IOM urges donors to assist Ethiopian migrants in Yemen
By Tesfa-Alem Tekle
December 25, 2011 (ADDIS ABABA) — The International Organization for Migration (IOM) has asked for USD$2.6 million to repatriate thousands of Ethiopians stranded in Yemen.
The organisation had been assisting to thousands of Ethiopian migrants in Yemen to return home and assisted their reintegration during the past year. However, the IOM says that such support is now limited to only few due to shortage of funds.
IOM said in a statement that there is a “growing concern and fear” over the fate of thousands of Ethiopian migrants stranded for several months in northern Yemen in desperate conditions, as funds run out to assist the most vulnerable among them.
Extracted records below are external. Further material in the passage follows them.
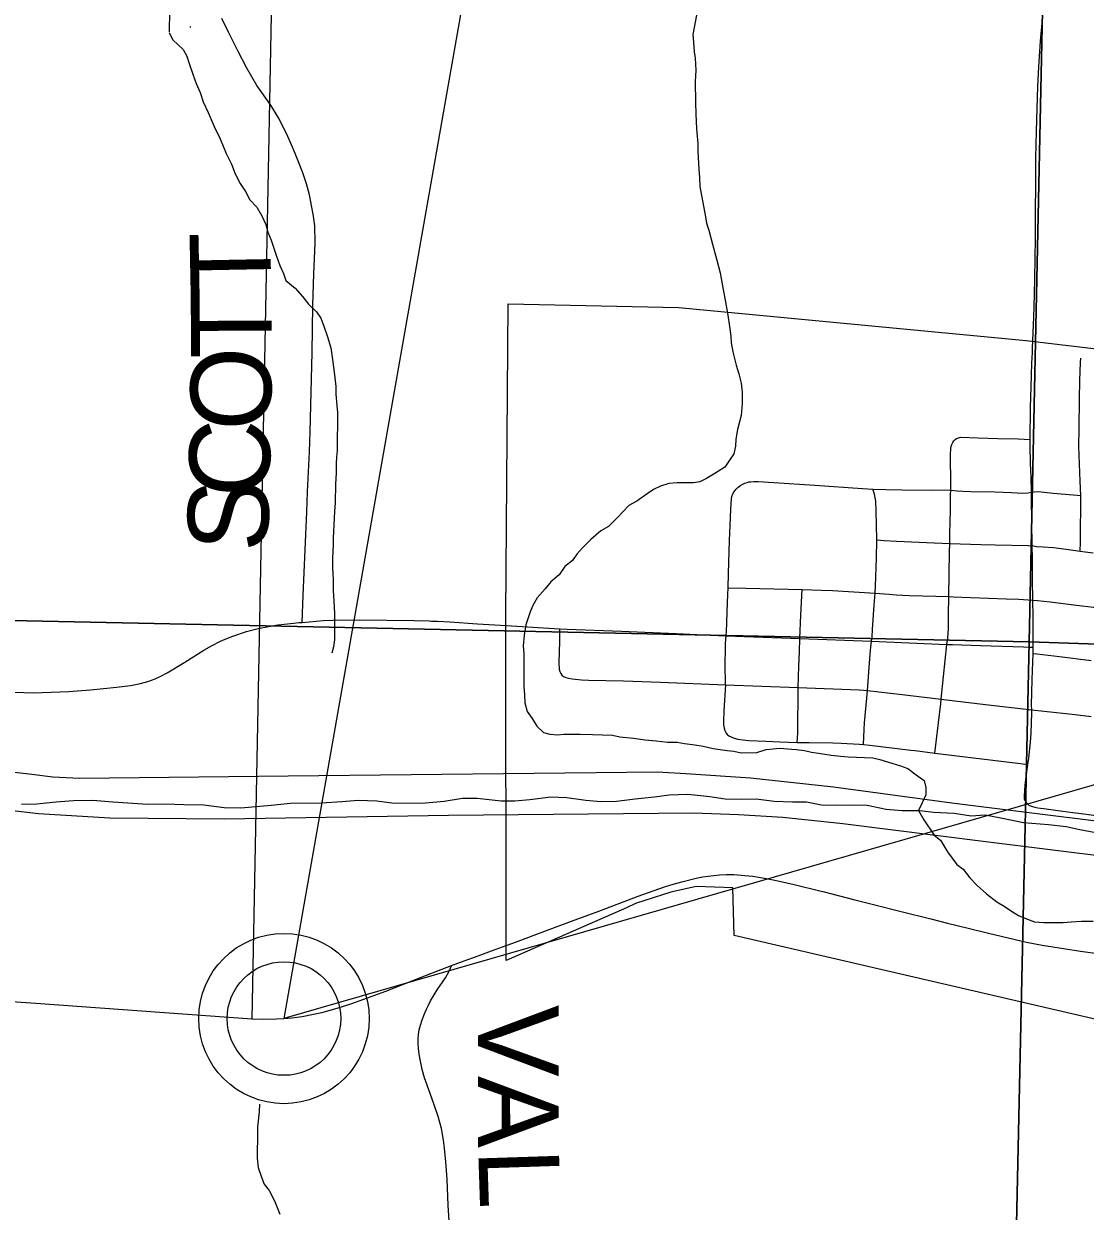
# Model space of a CAD drawing. Extents: x 0 to 34, y 0 to 22.
# Drawn here: x 13.784 to 14.532, y 17.577 to 18.414 of the extents above; entities that cross this region are included whole.
import ezdxf

# ---------------------------------------------------------------- set-up
doc = ezdxf.new("R2010")
doc.units = 0
for name, color, linetype in [('GM_X_City_Street', 7, 'Continuous'), ('GM_X_Corporation', 7, 'Continuous'), ('GM_X_County_Road', 7, 'Continuous'), ('GM_X_Major_River', 7, 'Continuous'), ('GM_X_Minor_River', 7, 'Continuous'), ('GM_X_Rail_Line', 7, 'Continuous'), ('GM_X_State_Route', 7, 'Continuous'), ('GM_X_Township_Road', 7, 'Continuous'), ('GM_X_Township_Road_Text', 7, 'Continuous'), ('SH_Text', 7, 'Continuous')]:
    doc.layers.add(name, color=color, linetype=linetype)

msp = doc.modelspace()

# ---------------------------------------------------------------- linework, layer by layer
at = {"layer": 'GM_X_City_Street'}
msp.add_line((14.49531, 17.97061), (14.4954, 17.97491), dxfattribs=at)
for points in [[(14.52836, 18.04243), (14.5287, 18.04955), (14.52882, 18.08177), (14.52845, 18.09209), (14.5275, 18.11631), (14.5277, 18.1292), (14.52802, 18.14975), (14.52826, 18.16304), (14.5287, 18.17558), (14.5289, 18.17865)], [(14.4261, 17.90032), (14.42689, 17.90802), (14.43023, 17.9353), (14.43056, 17.93831), (14.43222, 17.95428), (14.43457, 17.97692), (14.43525, 17.98127), (14.4357, 17.98808), (14.4358, 17.9978), (14.43602, 18.01065), (14.43637, 18.04222), (14.43652, 18.04815), (14.4367, 18.05585), (14.43686, 18.06279), (14.43703, 18.07157), (14.43713, 18.08225), (14.43734, 18.08555), (14.43745, 18.09049), (14.43737, 18.09632), (14.43719, 18.10392), (14.43708, 18.11061), (14.43727, 18.11517), (14.43765, 18.11647), (14.43806, 18.11784), (14.43863, 18.11914), (14.43953, 18.12049), (14.44042, 18.12144), (14.44142, 18.12216), (14.44264, 18.12258), (14.4442, 18.12292), (14.4567, 18.12254), (14.47038, 18.12212), (14.48481, 18.12177), (14.49329, 18.12142)], [(14.4954, 17.97491), (14.49524, 17.99624), (14.49509, 18.00812), (14.49486, 18.02197), (14.49476, 18.03712), (14.49469, 18.04637), (14.49422, 18.07982), (14.49407, 18.08429), (14.49381, 18.0953), (14.49355, 18.10438), (14.49331, 18.11734), (14.49329, 18.12142)], [(14.27871, 17.94836), (14.27851, 17.95186), (14.27837, 17.95986), (14.27862, 17.97676), (14.27894, 17.98074), (14.27909, 17.98291), (14.2793, 17.98619), (14.27954, 17.992), (14.2799, 18.00006), (14.28032, 18.01212), (14.28048, 18.01672), (14.28071, 18.02699), (14.28116, 18.0423), (14.28153, 18.0501), (14.28178, 18.05558), (14.28216, 18.06629), (14.28237, 18.07226), (14.28275, 18.07952), (14.28306, 18.08122), (14.28378, 18.08314), (14.28494, 18.08494), (14.28608, 18.08635), (14.28761, 18.08772)], [(14.28761, 18.08772), (14.28842, 18.08835), (14.28933, 18.08904), (14.29076, 18.08988), (14.29217, 18.09055), (14.29383, 18.09111), (14.29504, 18.09142), (14.2964, 18.0916), (14.29856, 18.09174), (14.30153, 18.09165), (14.31273, 18.09102), (14.34163, 18.08911), (14.37516, 18.08688), (14.38245, 18.08645)], [(14.37781, 17.93421), (14.37827, 17.93908), (14.37872, 17.94441), (14.37977, 17.96066), (14.38068, 17.9729), (14.38145, 17.97909), (14.38185, 17.98236), (14.3822, 17.98732), (14.38338, 18.00459), (14.38379, 18.01029), (14.38399, 18.013), (14.38417, 18.01797), (14.385, 18.03768), (14.38527, 18.05067), (14.38503, 18.06119), (14.3848, 18.07093), (14.3844, 18.07777), (14.38408, 18.08034), (14.38353, 18.08277), (14.38245, 18.08645)], [(14.38245, 18.08645), (14.39158, 18.08613), (14.40278, 18.08576), (14.42476, 18.08568), (14.43262, 18.08575), (14.43734, 18.08555), (14.44181, 18.08514), (14.44586, 18.08496), (14.45145, 18.08475), (14.46829, 18.08436), (14.47997, 18.08394), (14.48817, 18.08356), (14.49153, 18.08384), (14.49407, 18.08429)], [(14.49407, 18.08429), (14.49616, 18.0845), (14.49877, 18.08463), (14.50942, 18.08358), (14.52641, 18.08209), (14.52882, 18.08177)], [(14.38527, 18.05067), (14.39037, 18.05014), (14.39908, 18.04967), (14.42557, 18.04861), (14.43652, 18.04815), (14.45853, 18.04731), (14.46853, 18.04707), (14.49181, 18.04667), (14.49469, 18.04637)], [(14.53767, 18.04122), (14.53193, 18.04197), (14.52836, 18.04243), (14.51864, 18.04386), (14.50961, 18.04503), (14.50249, 18.0454), (14.49768, 18.04569), (14.49469, 18.04637)], [(14.28048, 18.01672), (14.293, 18.01649), (14.3327, 18.01569), (14.34589, 18.01526), (14.35401, 18.01492), (14.38399, 18.013), (14.39382, 18.01226)], [(14.32918, 17.90788), (14.32952, 17.91437), (14.32986, 17.94647), (14.33036, 17.96161), (14.33078, 17.97174), (14.33089, 17.98109), (14.3317, 17.99757), (14.3327, 18.01569)], [(14.39382, 18.01226), (14.39874, 18.01189), (14.40829, 18.01142), (14.43602, 18.01065), (14.43903, 18.0105), (14.47633, 18.00914), (14.48513, 18.0088), (14.49509, 18.00812)], [(14.49509, 18.00812), (14.49845, 18.00791), (14.50719, 18.00686), (14.52592, 18.0045), (14.53785, 18.00305), (14.54846, 18.00175), (14.56024, 18.00028), (14.56533, 17.99959), (14.59308, 17.99608), (14.60298, 17.99483), (14.61712, 17.99317)], [(14.1618, 17.98785), (14.1617, 17.97912), (14.16116, 17.96385), (14.16149, 17.9594), (14.16191, 17.95779), (14.16255, 17.9563), (14.16344, 17.95522), (14.16459, 17.95437), (14.16626, 17.95364), (14.16814, 17.9531), (14.17056, 17.95264), (14.17717, 17.95198), (14.18203, 17.95176), (14.20677, 17.95127), (14.23289, 17.95029), (14.27871, 17.94836), (14.32986, 17.94647), (14.3728, 17.94481), (14.37613, 17.94461), (14.37872, 17.94441), (14.38046, 17.94423), (14.38486, 17.94373), (14.38661, 17.94351), (14.40314, 17.94153), (14.43056, 17.93831), (14.44021, 17.93717), (14.46171, 17.93463), (14.49432, 17.93086), (14.50297, 17.92989), (14.52497, 17.92744), (14.53623, 17.92618)], [(14.1618, 17.98785), (14.16717, 17.98764), (14.20533, 17.98623), (14.2439, 17.98449), (14.26814, 17.98338), (14.27909, 17.98291), (14.33089, 17.98109), (14.38145, 17.97909), (14.43457, 17.97692), (14.43851, 17.97676), (14.45813, 17.9761), (14.48846, 17.97527), (14.49329, 17.97502), (14.4954, 17.97491)], [(14.49053, 17.86534), (14.48982, 17.86659), (14.4893, 17.8679), (14.48917, 17.8695), (14.48944, 17.87439), (14.49, 17.87974), (14.49163, 17.89229), (14.49222, 17.89682), (14.49335, 17.90802), (14.49389, 17.91445), (14.49419, 17.92219), (14.49428, 17.92793), (14.49432, 17.93086), (14.49414, 17.93416), (14.49461, 17.95208), (14.49531, 17.97061)], [(14.49531, 17.97061), (14.49798, 17.97024), (14.51384, 17.96829), (14.53625, 17.96558)], [(14.27871, 17.94836), (14.27755, 17.93004), (14.27715, 17.92261), (14.27723, 17.92016), (14.27758, 17.91796), (14.2781, 17.91615), (14.27904, 17.91435), (14.28006, 17.91321), (14.2814, 17.91222), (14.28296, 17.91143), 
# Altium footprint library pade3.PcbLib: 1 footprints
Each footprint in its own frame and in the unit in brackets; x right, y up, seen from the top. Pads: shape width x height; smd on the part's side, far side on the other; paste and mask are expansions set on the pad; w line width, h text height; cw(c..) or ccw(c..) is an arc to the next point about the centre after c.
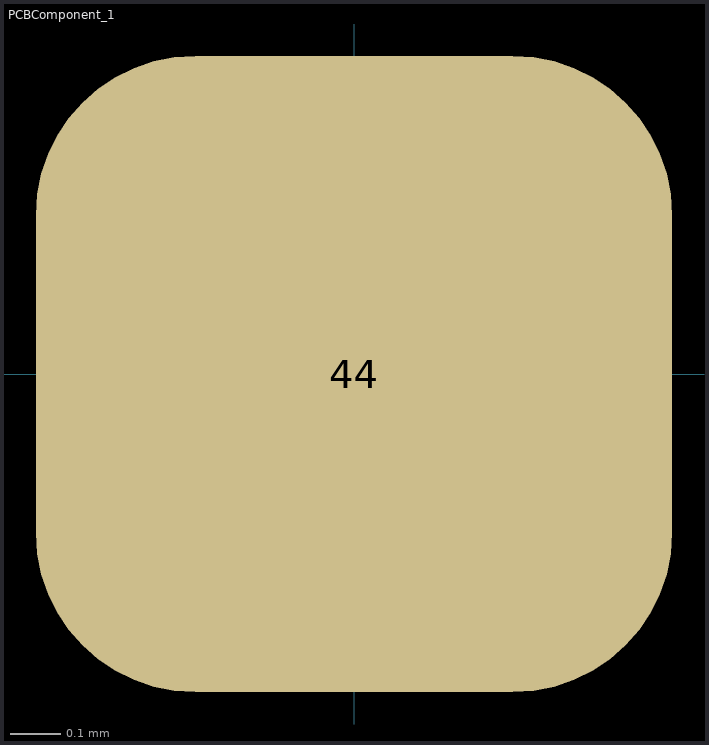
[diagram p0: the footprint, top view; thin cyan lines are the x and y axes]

## PCBComponent_1 [mil]
pads (1):
  rrect50% 50x50 / inner rrect50% 0x0 / far side rrect50% 0x0 all layers, no hole paste-99999 mask+3: 44(0,0)

Some 150 Ethiopians arrived in Addis Ababa from Yemen on Saturday with the support of the Ethiopian government and the IOM but thousands more are desperately waiting to return.
The repatriation operation for the Ethiopian migrants was possible after some emergency stop-gap funding from Saudi Arabia and Japan.
But with many more left behind and in critical conditions a speedy response to the appeal is needed otherwise thousands of migrants will be left at a “great and unacceptable danger”.
The Saudi and Japanese funding will allow the repatriation of 1,000 travel-ready migrants. The organisation is planning to repatriate over 800 migrants in the next couple of weeks.
Under different smuggling networks, every year, tens of thousands of Ethiopians risk their life making a very dangerous journey across the horn of Africa via the Gulf of Aden to Yemen and on to Saudi Arabia hoping to find lucrative jobs.
Illegal migrants from East Africa use Yemen as a major transit point taking advantage of the political instability of the country.
According to IOM, some 18,300 Ethiopian migrants have been registered in the northern Yemeni town of Haradh on the border with Saudi Arabia as most of them were forced back by Saudi Arabia due their illegal status.